The business suffered beyond a loss of clients, Munguia said. After the news broke, and TV trucks began camping out on the road just off the property, she began losing nurses.
"Who wants to work at a murder scene?" she asked rhetorically.
There are few remnants of the crime. Munguia said she there are no obvious indicators of where Shakespeare was killed. The most visible sign that something untoward happened here is out back, where the cement slab that covered Shakespeare is chopped into chunks and piled nearby.
The hole is now covered over and all that remains are the tire marks of the heavy equipment that dug him up, then filled in the hole.
No matter. Munguia wants out.
But there are complications to the move.
On Friday, a friend of Moore's - who would not give her name - was overseeing things because some of the items inside were purchased by Moore before she met Shakespeare, said Moore's mother, Linda Donegan.
Some belong to Moore's son, Robert James Moore, other items were purchased after Moore met Shakespeare.
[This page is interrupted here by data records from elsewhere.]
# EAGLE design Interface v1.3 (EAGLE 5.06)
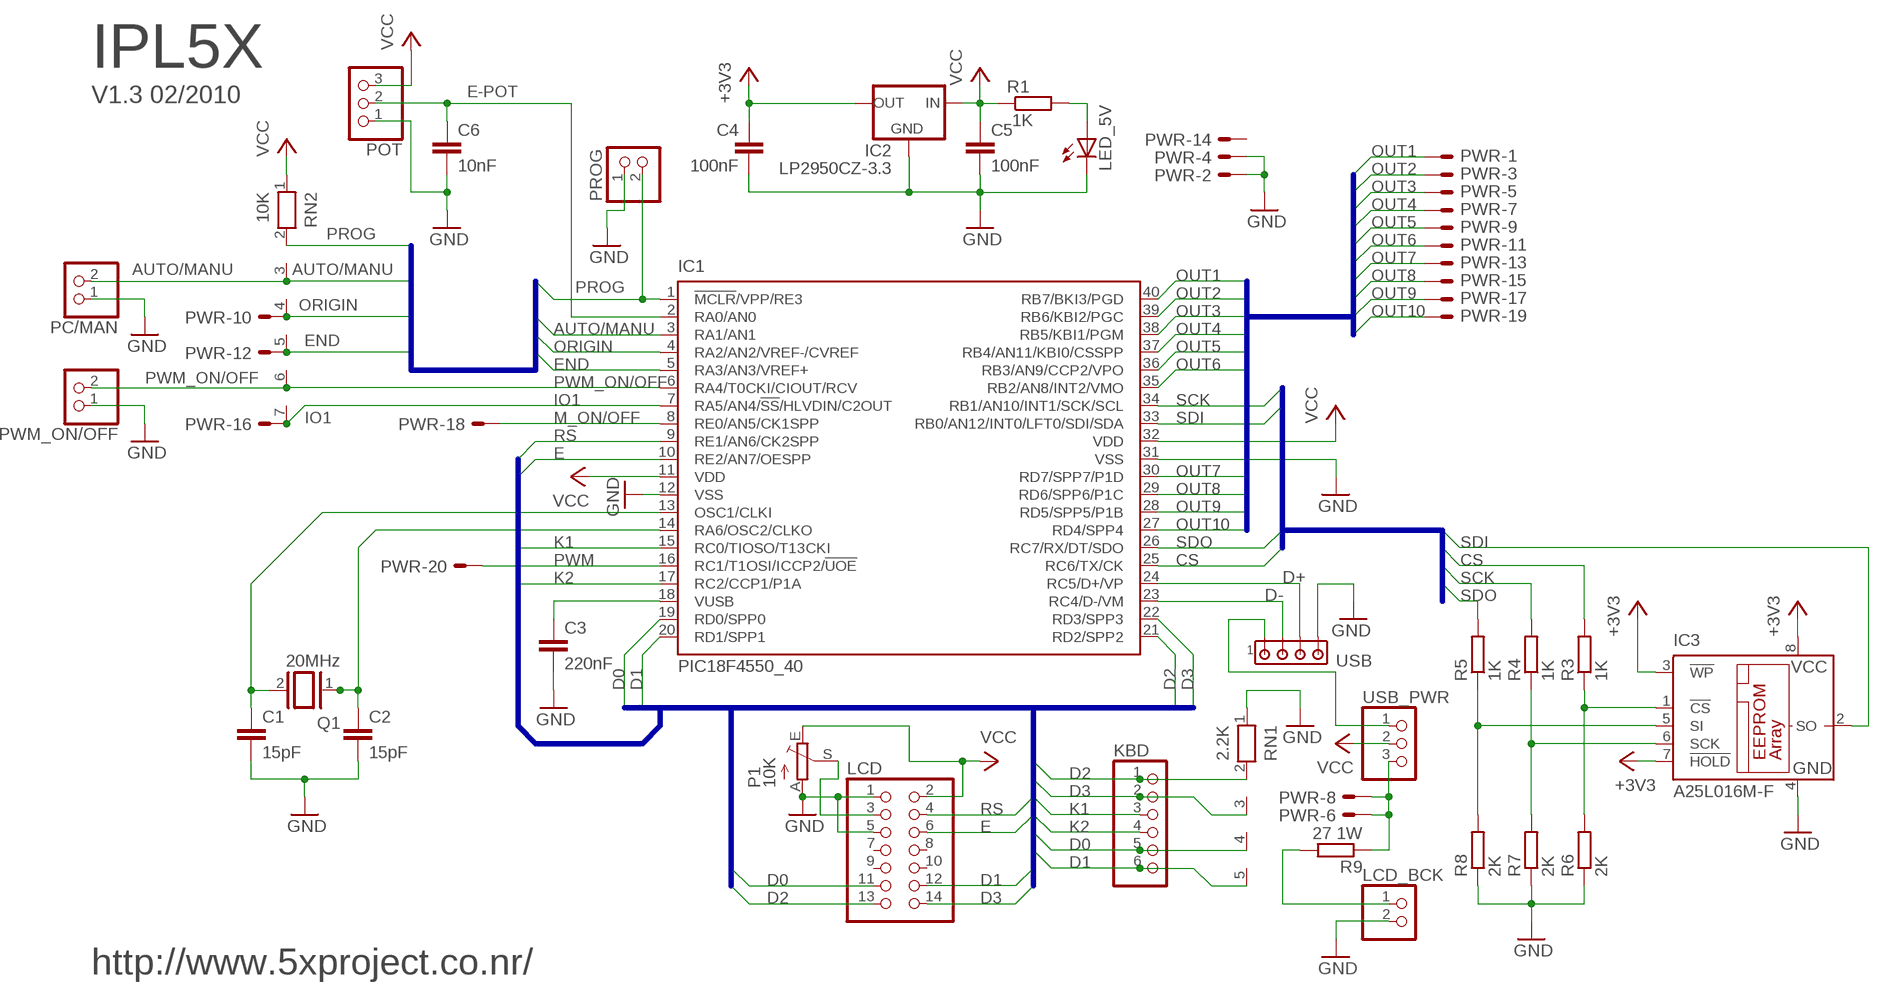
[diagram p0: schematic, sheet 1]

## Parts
C1  15pF  C-EU025-024X044  [C025-024X044]
C2  15pF  C-EU025-024X044  [C025-024X044]
C3  220nF  C-EU050-030X075  [C050-030X075]
C4  100nF  C-EU075-032X103  [C075-032X103]
C5  100nF  C-EU050-030X075  [C050-030X075]
C6  10nF  C-EU050-030X075  [C050-030X075]
IC1  PIC18F4550_40  [DIL40]
IC2  LP2950CZ-3.3  LP2950ACZ-3.3  [TO92]
IC3  A25L016M-F  25LC080SN  [SO-08]
KBD  PINHD-1X6  [1X06]
LCD  PINHD-2X7  [2X07]
LCD_BCK  PINHD-1X2  [1X02]
LED_5V  LED5MM  [LED5MM]
P1  10K  TRIM_EU-LI10  [LI10]
PC/MAN  PINHD-1X2  [1X02]
POT  PINHD-1X3  [1X03]
PROG  PINHD-1X2  [1X02]
PWM_ON/OFF  PINHD-1X2  [1X02]
PWR  ML20E  [ML20]
Q1  20MHz  XTAL/S  [QS]
R1  1K  R-EU_0207/10  [0207/10]
R3  1K  R-EU_0207/10  [0207/10]
R4  1K  R-EU_0207/10  [0207/10]
R5  1K  R-EU_0207/10  [0207/10]
R6  2K  R-EU_0204/7  [0204/7]
R7  2K  R-EU_0204/7  [0204/7]
R8  2K  R-EU_0204/7  [0204/7]
R9  27 1W  R-EU_0207/12  [0207/12]
RN1  2.2K  RN04  [RN-5]
RN2  10K  RN06  [RN-7]
USB  MTA04-100  [10X04MTA]
USB_PWR  PINHD-1X3  [1X03]

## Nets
+3V3: C4.1 IC2.1(OUT) IC3.3(!WP) IC3.7(!HOLD) IC3.8(VCC)
AUTO/MANU: IC1.3(RA1/AN1) PC/MAN.2 RN2.3
CS: IC1.25(RC6/TX/CK) R3.2
D0: IC1.19(RD0/SPP0) KBD.5 LCD.11 RN1.4
D1: IC1.20(RD1/SPP1) KBD.6 LCD.12 RN1.5
D2: IC1.21(RD2/SPP2) KBD.1 LCD.13 RN1.2
D3: IC1.22(RD3/SPP3) KBD.2 LCD.14 RN1.3
D+: IC1.24(RC5/D+/VP) USB.3
D-: IC1.23(RC4/D-/VM) USB.2
E: IC1.10(RE2/AN7/OESPP) LCD.6
E-POT: C6.1 IC1.2(RA0/AN0) POT.2
END: IC1.5(RA3/AN3/VREF+) PWR.12 RN2.5
GND: C1.2 C2.2 C3.2 C4.2 C5.2 C6.2 IC1.12(VSS) IC1.31(VSS) IC2.2(GND) IC3.4(GND) LCD.1 LCD.5 LCD_BCK.2 LED_5V.K(C) P1.A PC/MAN.1 POT.1 PROG.1 PWM_ON/OFF.1 PWR.2 PWR.4 R6.1 R7.1 R8.1 RN1.1 USB.4
IO1: IC1.7(RA5/AN4/!SS!/HLVDIN/C2OUT) PWR.16 RN2.7
K1: IC1.15(RC0/TIOSO/T13CKI) KBD.3
K2: IC1.17(RC2/CCP1/P1A) KBD.4
M_ON/OFF: IC1.8(RE0/AN5/CK1SPP) PWR.18
N$1: C2.1 IC1.14(RA6/OSC2/CLKO) Q1.1
N$2: C1.1 IC1.13(OSC1/CLKI) Q1.2
N$5: PWR.6 PWR.8 R9.1 USB_PWR.3
N$6: LED_5V.A R1.2
N$7: C3.1 IC1.18(VUSB)
N$8: IC3.1(!CS) R3.1 R6.2
N$10: IC3.6(SCK) R4.1 R7.2
N$11: USB.1 USB_PWR.1
N$12: LCD_BCK.1 R9.2
N$14: IC3.5(SI) R5.1 R8.2
N$16: LCD.3 P1.S
ORIGIN: IC1.4(RA2/AN2/VREF-/CVREF) PWR.10 RN2.4
OUT1: IC1.40(RB7/BKI3/PGD) PWR.1
OUT2: IC1.39(RB6/KBI2/PGC) PWR.3
OUT3: IC1.38(RB5/KBI1/PGM) PWR.5
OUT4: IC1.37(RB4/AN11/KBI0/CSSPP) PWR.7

Same for the house at 5802 S.R. 60.
Donegan said the family is trying to sort everything out.
Anything purchased after her daughter met Shakespeare will be turned over to Shakespeare's family, Donegan said.
That includes the new carpets, a stainless steel refrigerator, new windows, new wiring and many other improvements, about $70,000 worth in all at the house 5802 S.R. 60, said Donegan. "I am making a list of all the things Dee Dee bought since she met Abraham,'' Donegan said. "It will all go to his family."